I hope to return and spend many more summers there. There's not much Wi-Fi, which is also great.

Last year I travelled to London to be in a exhibit curated by the inter*island collective ( a collective of Oceanic artists based in London) and after this exhibit I took home with me a work made by Jaq Brown, a Samoan Hawaiian artist.

It's a six-layered giant, lei installation. It always reminds of home and I can't wait to put it up in my next whare.

A favourite song of mine is Love is stronger than Pride by Amber Marks. When I need to listen to a playlist I listen to Chani Nicholas' astrology playlists.

Moanafresh is a great place in Avondale to get local Pacific wares made by local Pacific artists! During Covid I have found the NZ Made Products Facebook page. It is really great to hear from vendors themselves and help support local during this time.

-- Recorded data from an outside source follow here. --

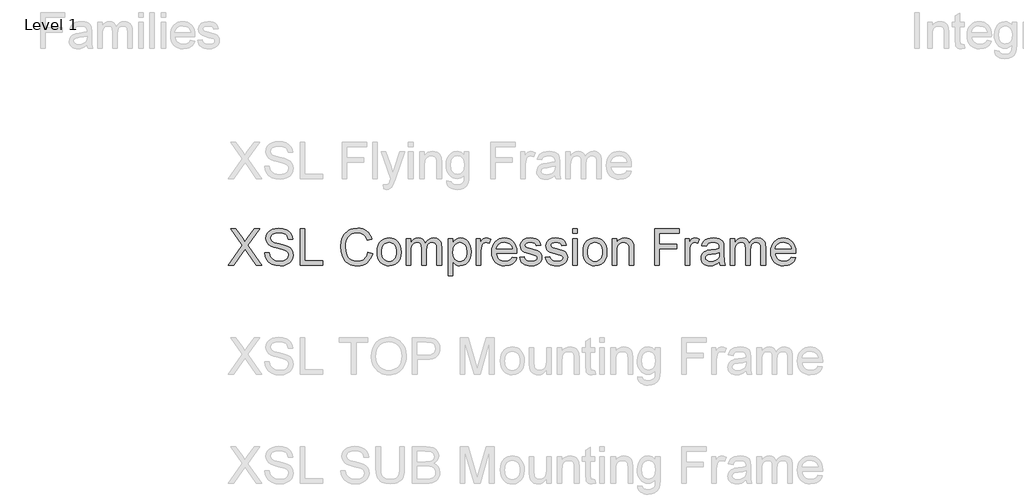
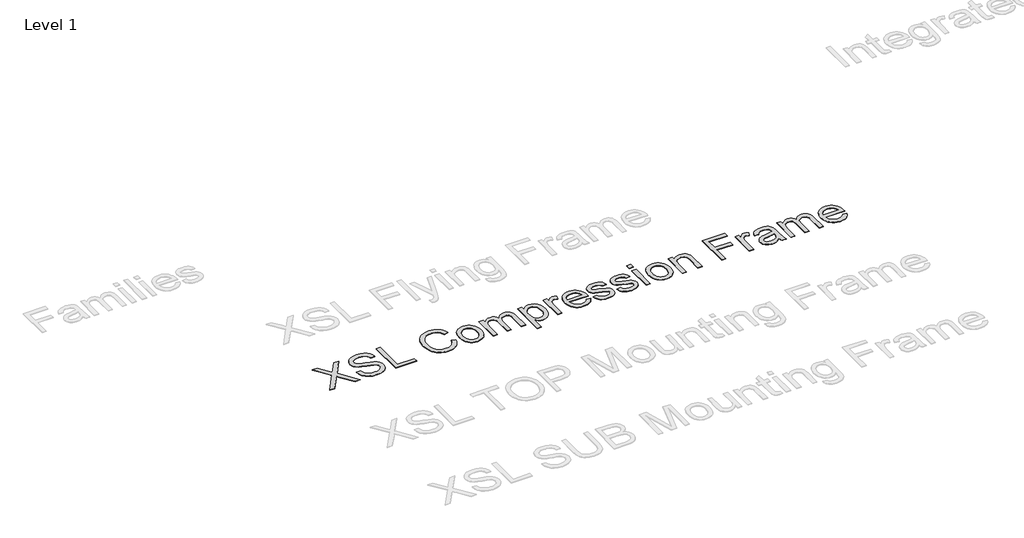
# One storey, part 15 of 52: 1 proxy.
"""IFC4 building model written with IfcOpenShell, lengths in millimetres."""

from ifc_helpers import new_model, si_unit, origin, origin_with_axes, place, context, project, spatial, polyline, outline, extrude, element, save

model = new_model("IFC4")

# Units and contexts
model_context = context("Model", 3, world=origin())
ifc_project = project(units=[si_unit("LENGTHUNIT", "METRE", prefix="MILLI")], contexts=[model_context])

# Site, building, storey
site = spatial("IfcSite", under=ifc_project)
building = spatial("IfcBuilding", under=site)
storey = spatial("IfcBuildingStorey", under=building, Name="Level 1", Elevation=0.0)

# Proxy
placement = place(None, origin())
element("IfcBuildingElementProxy", 1, Name="400mm Arial", ObjectType="400mm Arial", at=placement, inside=storey, context=model_context, shape_type="SweptSolid", body=[
    extrude(outline(polyline([(-18995.0211414, -63656.6859046), (-18840.118296, -63437.722541), (-18969.9070639, -63254.860664), (-18909.6725186, -63254.860664), (-18836.5866289, -63357.7695207), (-18811.9630606, -63397.8931837), (-18783.1211122, -63357.0828077), (-18710.8200374, -63254.860664), (-18649.7025753, -63254.860664), (-18779.4913432, -63438.3111522), (-18624.5884978, -63656.6859046), (-18684.8230431, -63656.6859046), (-18788.0262055, -63511.1027363), (-18809.510514, -63480.8873618), (-18833.1530636, -63514.0457923), (-18933.9036793, -63656.6859046), (-18995.0211414, -63656.6859046)])), origin_with_axes(), (0.0, 0.0, 1.0), 5.0),
    extrude(outline(polyline([(-18593.1959008, -63518.5584781), (-18542.9677458, -63518.5584781), (-18537.2042612, -63546.4316706), (-18526.780938, -63568.8356841), (-18510.5205538, -63586.6166472), (-18487.2458862, -63600.6206885), (-18458.7963453, -63609.7073738), (-18427.0113409, -63612.7362689), (-18399.0277838, -63610.4431378), (-18374.5268429, -63603.5637445), (-18354.6734779, -63592.6744374), (-18340.6326484, -63578.3515651), (-18332.2817271, -63561.9072399), (-18329.4980867, -63544.6535743), (-18331.5827513, -63527.8413671), (-18337.8367453, -63513.3100283), (-18350.5409368, -63500.9124051), (-18371.9761944, -63490.5013446), (-18445.1111351, -63471.3224299), (-18493.1197354, -63458.6305011), (-18523.837882, -63446.5517089), (-18548.841595, -63429.6536626), (-18566.5612444, -63409.1748982), (-18577.1194577, -63385.5568741), (-18580.6388621, -63359.2410487), (-18576.2855918, -63329.8227518), (-18563.225781, -63302.3910177), (-18541.8027861, -63279.1408756), (-18512.3599638, -63262.2673548), (-18477.0187668, -63252.0034471), (-18437.9006479, -63248.5821446), (-18395.5206421, -63252.1628627), (-18358.438137, -63262.9050169), (-18327.9775078, -63280.5878782), (-18305.4631297, -63304.9907172), (-18291.2138337, -63334.592955), (-18285.548451, -63367.8740129), (-18335.7766061, -63367.8740129), (-18344.9981814, -63337.903893), (-18353.3613655, -63326.04583), (-18364.226147, -63316.2724317), (-18394.2698433, -63303.1758327), (-18435.9386106, -63298.8102996), (-18478.5883966, -63303.1267817), (-18494.8917004, -63308.5223843), (-18507.847278, -63316.076228), (-18524.7698497, -63335.1325153), (-18530.410707, -63357.7695207), (-18526.413056, -63377.0710628), (-18514.4201029, -63392.595683), (-18486.0686638, -63406.4770969), (-18432.4069435, -63420.6528165), (-18377.0284405, -63434.1172975), (-18343.5266535, -63445.8649959), (-18314.8931715, -63464.0874173), (-18294.9171792, -63486.57727), (-18283.1817435, -63513.0892991), (-18279.2699316, -63543.37825), (-18283.7703547, -63574.3416513), (-18297.2716239, -63603.4656426), (-18319.2219163, -63628.5306692), (-18349.0694088, -63647.3171764), (-18384.9624288, -63659.0526121), (-18425.0493036, -63662.9644239), (-18474.2596518, -63658.7460437), (-18514.7634595, -63646.0909031), (-18547.0267105, -63624.9499511), (-18571.5153886, -63595.2741368), (-18587.2362125, -63559.1235994), (-18593.1959008, -63518.5584781)])), origin_with_axes(), (0.0, 0.0, 1.0), 5.0),
    extrude(outline(polyline([(-18203.927699, -63656.6859046), (-18203.927699, -63254.860664), (-18153.6995439, -63254.860664), (-18153.6995439, -63606.4577495), (-17952.7869236, -63606.4577495), (-17952.7869236, -63656.6859046), (-18203.927699, -63656.6859046)])), origin_with_axes(), (0.0, 0.0, 1.0), 5.0),
    extrude(outline(polyline([(-17456.7838923, -63513.8495886), (-17406.5557372, -63526.7990348), (-17416.4946824, -63558.0352819), (-17429.7323029, -63585.3290602), (-17446.2685986, -63608.6803699), (-17466.1035695, -63628.0892108), (-17488.7896259, -63643.3471165), (-17513.8791779, -63654.2456207), (-17541.3722257, -63660.7847231), (-17571.2687692, -63662.9644239), (-17601.898011, -63661.3150863), (-17629.5290145, -63656.3670735), (-17654.1617797, -63648.1203854), (-17675.7963067, -63636.5750222), (-17694.7299668, -63621.9026619), (-17711.2601311, -63604.274983), (-17725.3867997, -63583.6919853), (-17737.1099726, -63560.153669), (-17752.8921102, -63508.2823077), (-17758.1528227, -63452.7321264), (-17752.2053971, -63394.1407873), (-17744.7711152, -63367.843356), (-17734.3631204, -63343.5447503), (-17721.2144047, -63321.6465745), (-17705.5579601, -63302.5504333), (-17687.3937866, -63286.2563266), (-17666.7218842, -63272.7642544), (-17644.2442943, -63262.1845813), (-17620.6630584, -63254.627672), (-17570.1896487, -63248.5821446), (-17541.4611305, -63250.5380505), (-17515.117714, -63256.4057683), (-17491.159399, -63266.185298), (-17469.5861857, -63279.8766396), (-17450.7536932, -63297.1180425), (-17435.0175409, -63317.5477559), (-17422.3777287, -63341.16578), (-17412.8342566, -63367.9721147), (-17463.0624117, -63379.9405423), (-17480.4754928, -63343.3117583), (-17504.2651951, -63318.1854181), (-17534.7258243, -63303.6540793), (-17572.151686, -63298.8102996), (-17615.2919813, -63304.1813768), (-17633.9742553, -63310.8952232), (-17650.7312801, -63320.2946082), (-17677.623454, -63345.4577366), (-17695.1223742, -63377.978505), (-17704.7240943, -63414.7421791), (-17707.9246677, -63452.6340246), (-17704.1354831, -63499.0362069), (-17692.7679295, -63539.1598698), (-17673.392811, -63571.4721717), (-17645.5809322, -63594.440271), (-17612.2385607, -63608.1622694), (-17576.2719643, -63612.7362689), (-17554.4351022, -63611.1789018), (-17534.3456796, -63606.5068004), (-17516.0036965, -63598.7199649), (-17499.4091528, -63587.8183951), (-17484.9544561, -63573.851142), (-17473.0320137, -63556.8672565), (-17463.6418258, -63536.8667387), (-17456.7838923, -63513.8495886)])), origin_with_axes(), (0.0, 0.0, 1.0), 5.0),
    extrude(outline(polyline([(-17356.3275821, -63509.140699), (-17353.6113867, -63470.9238911), (-17345.4628005, -63437.9923212), (-17331.8818235, -63410.3459892), (-17312.8684558, -63387.9848953), (-17293.7263293, -63373.6926798), (-17272.59764, -63363.4839544), (-17249.482388, -63357.3587192), (-17224.3805732, -63355.3169741), (-17196.6698619, -63357.8032433), (-17171.6140323, -63365.2620507), (-17149.2130845, -63377.6933965), (-17129.4670184, -63395.0972805), (-17113.3507214, -63416.8850917), (-17101.8390806, -63442.4682188), (-17094.9320961, -63471.8466618), (-17092.629768, -63505.0204207), (-17096.7009954, -63555.7636105), (-17108.9146776, -63594.39122), (-17128.9151954, -63623.3190076), (-17156.3469295, -63644.9627316), (-17188.9290116, -63658.4640009), (-17224.3805732, -63662.9644239), (-17252.4959547, -63660.4873518), (-17277.7847762, -63653.0561355), (-17300.2470376, -63640.670775), (-17319.8827391, -63623.3312703), (-17335.8273579, -63601.331927), (-17347.2163714, -63574.9670507), (-17354.0497794, -63544.2366414), (-17356.3275821, -63509.140699)]), holes=[polyline([(-17306.0994271, -63509.0425972), (-17304.6462932, -63533.4055823), (-17300.2868915, -63554.500549), (-17293.0212221, -63572.3274974), (-17282.849285, -63586.8864273), (-17270.4761872, -63598.195733), (-17256.607036, -63606.2738085), (-17241.2418313, -63611.1206538), (-17224.3805732, -63612.7362689), (-17207.6051542, -63611.1114567), (-17192.3012632, -63606.2370203), (-17178.4689002, -63598.1129596), (-17166.1080652, -63586.7392745), (-17155.936128, -63572.0362575), (-17148.6704586, -63553.9242006), (-17144.3110569, -63532.4031039), (-17142.8579231, -63507.4729673), (-17144.320254, -63483.8825344), (-17148.7072468, -63463.3393906), (-17156.0189014, -63445.8435361), (-17166.255218, -63431.3949707), (-17178.6620382, -63420.085665), (-17192.4852042, -63412.0075896), (-17207.7247159, -63407.1607443), (-17224.3805732, -63405.5451292), (-17241.2418313, -63407.1546129), (-17256.607036, -63411.9830641), (-17270.4761872, -63420.0304827), (-17282.849285, -63431.2968688), (-17293.0212221, -63445.8128792), (-17300.2868915, -63463.6091708), (-17304.6462932, -63484.6857434), (-17306.0994271, -63509.0425972)])]), origin_with_axes(), (0.0, 0.0, 1.0), 5.0),
    extrude(outline(polyline([(-17036.1230935, -63656.6859046), (-17036.1230935, -63361.5954935), (-16985.8949385, -63361.5954935), (-16985.8949385, -63410.1559169), (-16970.7872512, -63387.8500052), (-16951.3630818, -63370.3756104), (-16928.284618, -63359.0816332), (-16902.2140473, -63355.3169741), (-16874.2795411, -63359.1552096), (-16851.8877903, -63370.669916), (-16835.1614223, -63389.100804), (-16824.2230643, -63413.687584), (-16805.9148037, -63388.1504422), (-16785.0313691, -63369.9096266), (-16761.5727605, -63358.9651372), (-16735.538978, -63355.3169741), (-16715.4311613, -63356.8344873), (-16697.7820226, -63361.387027), (-16682.5915618, -63368.9745932), (-16669.8597791, -63379.5971858), (-16659.7951409, -63393.3774322), (-16652.6061136, -63410.4379597), (-16648.2926972, -63430.7787684), (-16646.8548917, -63454.3998581), (-16646.8548917, -63656.6859046), (-16697.0830468, -63656.6859046), (-16697.0830468, -63475.9822685), (-16698.2480064, -63450.9295047), (-16701.7428854, -63434.0437211), (-16708.2911849, -63422.4799637), (-16718.6164062, -63413.3932784), (-16731.8969462, -63407.5071665), (-16747.3112018, -63405.5451292), (-16774.5222068, -63410.5728498), (-16796.7054911, -63425.6560116), (-16805.3108641, -63437.2259003), (-16811.4575591, -63451.8246842), (-16816.3749151, -63490.1089371), (-16816.3749151, -63656.6859046), (-16866.6030701, -63656.6859046), (-16866.6030701, -63470.3904622), (-16869.5093379, -63441.9899722), (-16878.2281412, -63421.731937), (-16893.5688204, -63409.5918311), (-16916.3407159, -63405.5451292), (-16935.6913088, -63408.2429305), (-16953.5213229, -63416.3363344), (-16968.2366027, -63429.6291371), (-16978.242993, -63447.925135), (-16983.9819521, -63473.3089927), (-16985.8949385, -63507.8653748), (-16985.8949385, -63656.6859046), (-17036.1230935, -63656.6859046)])), origin_with_axes(), (0.0, 0.0, 1.0), 5.0),
    extrude(outline(polyline([(-16571.5126591, -63769.6992535), (-16571.5126591, -63361.5954935), (-16521.284504, -63361.5954935), (-16521.284504, -63410.8426299), (-16504.9014925, -63386.5501555), (-16486.5564437, -63369.1983881), (-16465.170237, -63358.7873276), (-16439.663752, -63355.3169741), (-16405.6959811, -63360.1730164), (-16375.9956414, -63374.7411435), (-16351.8135316, -63398.1384383), (-16334.4004505, -63429.4819843), (-16323.8790254, -63466.4909131), (-16320.3718837, -63506.8843561), (-16324.3327465, -63549.8407104), (-16336.215335, -63588.2598535), (-16355.6395043, -63620.1920106), (-16382.2251098, -63643.6874074), (-16413.1885111, -63658.1451698), (-16445.7460677, -63662.9644239), (-16468.8367942, -63659.7393251), (-16489.4504487, -63650.0640286), (-16507.0965217, -63635.4591134), (-16521.284504, -63617.4451584), (-16521.284504, -63769.6992535), (-16571.5126591, -63769.6992535)]), holes=[polyline([(-16521.284504, -63511.4951438), (-16515.8521132, -63556.5239), (-16509.0616247, -63573.9615066), (-16499.5549408, -63588.0145988), (-16475.5077211, -63606.5558513), (-16461.7458688, -63611.1911645), (-16446.8251882, -63612.7362689), (-16431.6899098, -63611.1359822), (-16417.6766714, -63606.3351222), (-16404.7854732, -63598.3336888), (-16393.016315, -63587.131682), (-16383.2091942, -63572.5696864), (-16376.2041078, -63554.4882863), (-16372.001056, -63532.8874818), (-16370.6000388, -63507.7672729), (-16376.0692178, -63462.9837714), (-16382.9056915, -63445.4112747), (-16392.4767548, -63431.0516142), (-16416.4871863, -63411.9217504), (-16430.0926888, -63407.1392845), (-16444.765049, -63405.5451292), (-16459.391424, -63407.240452), (-16473.1532763, -63412.3264206), (-16498.0834128, -63432.670295), (-16508.2338902, -63447.7687852), (-16515.4842312, -63465.9390901), (-16519.8344358, -63487.1812096), (-16521.284504, -63511.4951438)])]), origin_with_axes(), (0.0, 0.0, 1.0), 5.0),
    extrude(outline(polyline([(-16263.8652093, -63656.6859046), (-16263.8652093, -63361.5954935), (-16219.9155736, -63361.5954935), (-16219.9155736, -63405.2508236), (-16203.6797148, -63379.9405423), (-16188.7191804, -63365.0290588), (-16173.709595, -63357.7449953), (-16157.3265834, -63355.3169741), (-16132.3106078, -63359.1919978), (-16106.9022246, -63370.8170688), (-16123.6776436, -63415.845825), (-16141.3359794, -63408.1203031), (-16158.9943152, -63405.5451292), (-16173.9916378, -63408.0222013), (-16187.3948052, -63415.4534176), (-16198.2227986, -63427.2746924), (-16205.4945993, -63442.9219399), (-16211.6014405, -63470.9790734), (-16213.6370542, -63501.5868554), (-16213.6370542, -63656.6859046), (-16263.8652093, -63656.6859046)])), origin_with_axes(), (0.0, 0.0, 1.0), 5.0),
    extrude(outline(polyline([(-15868.9070992, -63568.7866332), (-15819.6599628, -63575.0651526), (-15827.2107408, -63594.7897589), (-15837.4041377, -63612.1721831), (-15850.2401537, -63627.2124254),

My favourite book is The Lot by Michael Leunig. It was the last item my grandmother gave me and has a handwritten inscription. It's a book of essays and every so often I will open up to a random page when I need some inspiration, and read an essay.

I go through phases of listening to different podcasts but This American Life is always a staple I can return to. During Covid-19 I've been listening to true crime podcasts especially In the Dark.

They just released a pandemic special which looks at Covid-19 in Mississippi which I want to listen to. Also Esther Perel, a relationship therapist, has a Covid-19 special, counselling couples under lockdown.